What are the benefits to keeping early pregnancies and miscarriages secret? I can think of a few.
1. Some people prefer to grieve in private. Having announced a pregnancy, a subsequent loss must also be announced. Grieving parents often don’t want to talk about it, and having to remember everyone who knows and who must now be informed is too much to deal with.
2. Some people don’t want to cause other people grief. Common or not, pregnancy loss is a sad thing. Some parents don’t want to spread the grief of losing the baby to everyone they know, especially to other pregnant women.
3. Pregnant women can be almost superstitiously opposed to hearing about miscarriages and other pregnancy loss. Pregnancy forums have many stories from pregnant women who were emotionally traumatized by hearing stories of other women’s pregnancy losses. Some almost express the belief that merely hearing about a baby’s death could harm the pregnant woman’s baby, and some people are very emotional about it.
If I may, I would like to submit some reasons why early pregnancies and pregnancy loss should not be a taboo subject.
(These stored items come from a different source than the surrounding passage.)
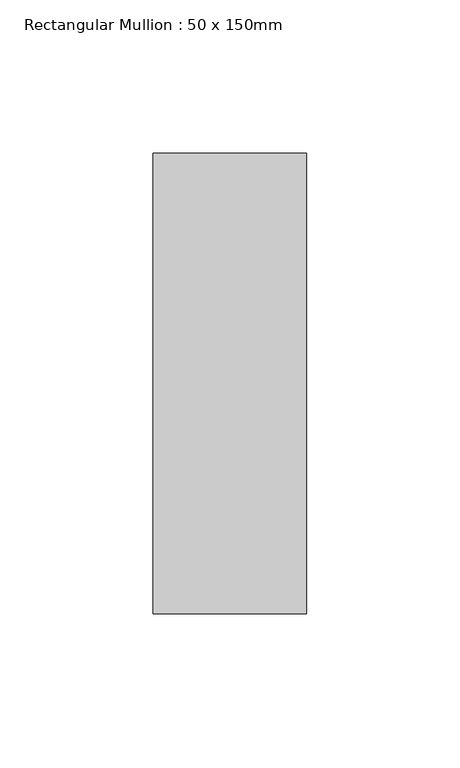
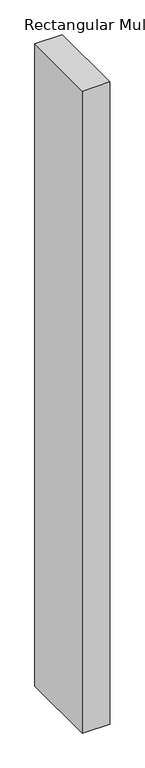
"""IFC4 building model written with IfcOpenShell, lengths in millimetres: member geometry, Rectangular Mullion : 50 x 150mm."""

import ifcopenshell
import ifcopenshell.guid

model = None  # the IFC model being written
_history = None  # IfcOwnerHistory: only IFC2X3 demands one
_inside = {}  # id of a spatial element -> (the spatial element, [elements in it])
_under = {}  # id of a project, library or spatial element -> (it, [spatial elements below it])
_declared = {}  # id of a project -> (the project, [libraries it declares])
_typed = {}  # id of a type object -> (the type object, [elements of that type])
_made_of = {}  # id of a material, layer set ... -> (it, [elements and type objects made of it])


def new_model(schema):
    """Start an empty IFC model of exactly this schema.

    Asked for "IFC4X3", IfcOpenShell would pick the latest addendum, in which some entities
    have other attributes; the version numbers below select the first issue.
    IFC2X3 requires an IfcOwnerHistory on every rooted entity: one is made here for all.
    """
    global model, _history
    if schema == "IFC4X3":
        model = ifcopenshell.file(schema_version=(4, 3, 0, 0))
    else:
        model = ifcopenshell.file(schema=schema)
    _inside.clear()
    _under.clear()
    _declared.clear()
    _typed.clear()
    _made_of.clear()
    _history = None
    if model.schema == "IFC2X3":
        org = make("IfcOrganization", Name="unknown")
        user = make(
            "IfcPersonAndOrganization",
            ThePerson=make("IfcPerson", FamilyName="unknown"),
            TheOrganization=org,
        )
        app = make(
            "IfcApplication",
            ApplicationDeveloper=org,
            Version="unknown",
            ApplicationFullName="unknown",
            ApplicationIdentifier="unknown",
        )
        _history = make(
            "IfcOwnerHistory",
            OwningUser=user,
            OwningApplication=app,
            ChangeAction="ADDED",
            CreationDate=0,
        )
    return model


def make(cls, **values):
    """One entity of the class cls with the attributes given. An attribute that is None is left unset."""
    return model.create_entity(
        cls, **{name: value for name, value in values.items() if value is not None}
    )


def rooted(cls, **values):
    """An entity with a GlobalId (a new one), such as an element, a storey or a relation."""
    return make(cls, GlobalId=ifcopenshell.guid.new(), OwnerHistory=_history, **values)


def si_unit(unit_type, name, prefix=None):
    """IfcSIUnit, for example si_unit("LENGTHUNIT", "METRE", prefix="MILLI")."""
    return make("IfcSIUnit", UnitType=unit_type, Prefix=prefix, Name=name)


def assignment(units):
    """IfcUnitAssignment: the units of a project."""
    return None if units is None else make("IfcUnitAssignment", Units=units)


def point(xyz):
    """IfcCartesianPoint."""
    return None if xyz is None else make("IfcCartesianPoint", Coordinates=xyz)


def direction(xyz):
    """IfcDirection."""
    return None if xyz is None else make("IfcDirection", DirectionRatios=xyz)


def frame(location, z_axis=None, x_axis=None):
    """IfcAxis2Placement3D, a coordinate frame: its origin and axes. An axis left out is left unset."""
    return make(
        "IfcAxis2Placement3D",
        Location=point(location),
        Axis=direction(z_axis),
        RefDirection=direction(x_axis),
    )


def origin():
    """The frame at (0, 0, 0) with its axes left unset."""
    return frame((0.0, 0.0, 0.0))


def place(relative_to, where):
    """IfcLocalPlacement: puts the frame where relative to a parent placement (None: the world)."""
    return make(
        "IfcLocalPlacement", PlacementRelTo=relative_to, RelativePlacement=where
    )


def context(
    kind, dimensions, precision=None, world=None, true_north=None, identifier=None
):
    """IfcGeometricRepresentationContext, for example the 3D "Model" context."""
    return make(
        "IfcGeometricRepresentationContext",
        ContextIdentifier=identifier,
        ContextType=kind,
        CoordinateSpaceDimension=dimensions,
        Precision=precision,
        WorldCoordinateSystem=world,
        TrueNorth=true_north,
    )


def project(units=None, contexts=None):
    """IfcProject with its units and contexts."""
    return rooted(
        "IfcProject",
        Name="project",
        RepresentationContexts=contexts,
        UnitsInContext=assignment(units),
    )


def spatial(cls, under=None, at=None, **own):
    """A site, building, storey or space (cls), placed at a placement, below another one or the project."""
    s = rooted(cls, ObjectPlacement=at, **own)
    if under is not None:
        _under.setdefault(under.id(), (under, []))[1].append(s)
    return s


def polyline(points):
    """IfcPolyline through the points."""
    return make("IfcPolyline", Points=[point(p) for p in points])


def outline(outer, holes=None, kind="AREA"):
    """IfcArbitraryClosedProfileDef: a profile drawn as a closed curve; with holes, ...WithVoids."""
    if holes is None:
        return make("IfcArbitraryClosedProfileDef", ProfileType=kind, OuterCurve=outer)
    return make(
        "IfcArbitraryProfileDefWithVoids",
        ProfileType=kind,
        OuterCurve=outer,
        InnerCurves=holes,
    )


def extrude(swept, where, along, depth):
    """IfcExtrudedAreaSolid: the profile swept, set in the frame where, extruded along a direction by depth."""
    return make(
        "IfcExtrudedAreaSolid",
        SweptArea=swept,
        Position=where,
        ExtrudedDirection=direction(along),
        Depth=depth,
    )


def shape(context_of_items, identifier, shape_type, items):
    """IfcShapeRepresentation: the items that make up one representation, for example the "Body"."""
    return make(
        "IfcShapeRepresentation",
        ContextOfItems=context_of_items,
        RepresentationIdentifier=identifier,
        RepresentationType=shape_type,
        Items=items,
    )


def source(mapping_origin, context_of_items, identifier, shape_type, items):
    """IfcRepresentationMap: a shape defined once, which mapped items show again and again."""
    return make(
        "IfcRepresentationMap",
        MappingOrigin=mapping_origin,
        MappedRepresentation=shape(context_of_items, identifier, shape_type, items),
    )


def transform(
    local_origin,
    x_axis=None,
    y_axis=None,
    z_axis=None,
    scale=None,
    scale2=None,
    scale3=None,
    uniform=True,
):
    """IfcCartesianTransformationOperator3D, or its non-uniform kind. x_axis, y_axis, z_axis: its Axis1, 2, 3."""
    if uniform:
        return make(
            "IfcCartesianTransformationOperator3D",
            Axis1=direction(x_axis),
            Axis2=direction(y_axis),
            LocalOrigin=point(local_origin),
            Scale=scale,
            Axis3=direction(z_axis),
        )
    return make(
        "IfcCartesianTransformationOperator3DnonUniform",
        Axis1=direction(x_axis),
        Axis2=direction(y_axis),
        LocalOrigin=point(local_origin),
        Scale=scale,
        Axis3=direction(z_axis),
        Scale2=scale2,
        Scale3=scale3,
    )


def mapped(mapping_source, mapping_target):
    """IfcMappedItem: shows the shape of a source again, moved by a transform."""
    return make(
        "IfcMappedItem", MappingSource=mapping_source, MappingTarget=mapping_target
    )


def made_of(thing, what):
    """Note that an element or type object is made of a material, layer set ...; save() writes the relation."""
    if what is not None:
        _made_of.setdefault(what.id(), (what, []))[1].append(thing)
    return thing


def element(
    cls,
    number,
    at=None,
    inside=None,
    cuts=None,
    type_object=None,
    material=None,
    context=None,
    identifier="Body",
    shape_type=None,
    held_by="IfcProductDefinitionShape",
    body=None,
    shapes=None,
    **own,
):
    """One element of the class cls, such as IfcWall. Its Tag is "e" and its number.

    at: its placement. inside: the storey or other place that contains it. cuts: it is an
    opening in that element (IfcRelVoidsElement). A single representation is given by context,
    identifier, shape_type and body (its items); several are given by shapes. held_by: the class
    of the entity that holds the representations. save() writes the other relations.
    """
    e = rooted(cls, Tag="e%d" % number, ObjectPlacement=at, **own)
    if body is not None:
        shapes = [shape(context, identifier, shape_type, body)]
    if shapes is not None:
        e.Representation = make(held_by, Representations=shapes)
    if inside is not None:
        _inside.setdefault(inside.id(), (inside, []))[1].append(e)
    if cuts is not None:
        rooted(
            "IfcRelVoidsElement", RelatingBuildingElement=cuts, RelatedOpeningElement=e
        )
    if type_object is not None:
        _typed.setdefault(type_object.id(), (type_object, []))[1].append(e)
    return made_of(e, material)


def aggregate(whole, parts):
    """IfcRelAggregates: a whole, such as a stair, and the parts it consists of."""
    return rooted("IfcRelAggregates", RelatingObject=whole, RelatedObjects=parts)


def save(model, path):
    """Write the relations noted so far, then the file.

    IfcRelAggregates (storeys below a building ...), IfcRelContainedInSpatialStructure (elements
    in a storey), IfcRelDefinesByType, IfcRelAssociatesMaterial and IfcRelDeclares: one each for
    every whole, place, type object, material and project.
    """
    for whole, parts in _under.values():
        aggregate(whole, parts)
    for where, things in _inside.values():
        rooted(
            "IfcRelContainedInSpatialStructure",
            RelatedElements=things,
            RelatingStructure=where,
        )
    for kind, things in _typed.values():
        rooted("IfcRelDefinesByType", RelatedObjects=things, RelatingType=kind)
    for what, things in _made_of.values():
        rooted("IfcRelAssociatesMaterial", RelatedObjects=things, RelatingMaterial=what)
    for by, libraries in _declared.values():
        rooted("IfcRelDeclares", RelatingContext=by, RelatedDefinitions=libraries)
    model.write(path)


def rectangular_mullion_50_x_150mm_31ac4966(model_context):
    return source(origin(), model_context, "Body", "SweptSolid", [
        extrude(outline(polyline([(0.0, 75.0), (0.0, -75.0), (-50.0, -75.0), (-50.0, 75.0), (0.0, 75.0)])), frame((0.0, 0.0, -1241.1082713), z_axis=(0.0, 0.0, 1.0), x_axis=(1.0, 0.0, 0.0)), (0.0, 0.0, 1.0), 1241.1082713),
    ])


if __name__ == "__main__":
    model = new_model("IFC4")
    model_context = context("Model", 3, world=origin())
    ifc_project = project(units=[si_unit("LENGTHUNIT", "METRE", prefix="MILLI")], contexts=[model_context])
    site = spatial("IfcSite", under=ifc_project)
    building = spatial("IfcBuilding", under=site)
    placement = place(None, origin())
    rectangular_mullion_50_x_150mm_shape = rectangular_mullion_50_x_150mm_31ac4966(model_context)
    element("IfcMember", 1, ObjectType="Rectangular Mullion : 50 x 150mm", at=placement, inside=building, context=model_context, shape_type="MappedRepresentation", body=[
        mapped(rectangular_mullion_50_x_150mm_shape, transform((0.0, 0.0, 0.0), x_axis=(1.0, 0.0, 0.0), y_axis=(0.0, 1.0, 0.0), z_axis=(0.0, 0.0, 1.0))),
    ])
    save(model, "model.ifc")

# Revit data of these elements
# Type "Rectangular Mullion : 50 x 150mm"
#   built-in parameter 1007304 = 0.492126 (stored number, unit not read)
#   built-in parameter 1007301 = 0.082021 (stored number, unit not read)
#   built-in parameter 1007300 = 0.082021 (stored number, unit not read)
# Element 1 (IfcMember, "Rectangular Mullion : 50 x 150mm")
#   Materials on its faces: "Aluminium"
# Materials
#   "Aluminium": class "Metal", colour RGB 247 247 247, transparency 0, Description = "Aluminium 6061", Cost = 0

1. Private grief is grief without support. Many women who have lost babies say they felt very isolated in their grief, as if they were the only one this had happened to and that no one else could relate to what they were feeling.
Given that pregnancy loss is so common, it is nearly statistically guaranteed that everyone knows multiple people who have lost babies. But as long as those babies and losses are kept secret (outside of the miscarriage community), public awareness and acceptance of the statistics will never occur.
2. A baby’s loss that is never grieved is a baby’s life that was never celebrated. Yes, it is hard to know what to say when someone you know has lost a baby. If you are a relative, you may mourn yourself for the little grandchild, niece, or cousin you never got to know.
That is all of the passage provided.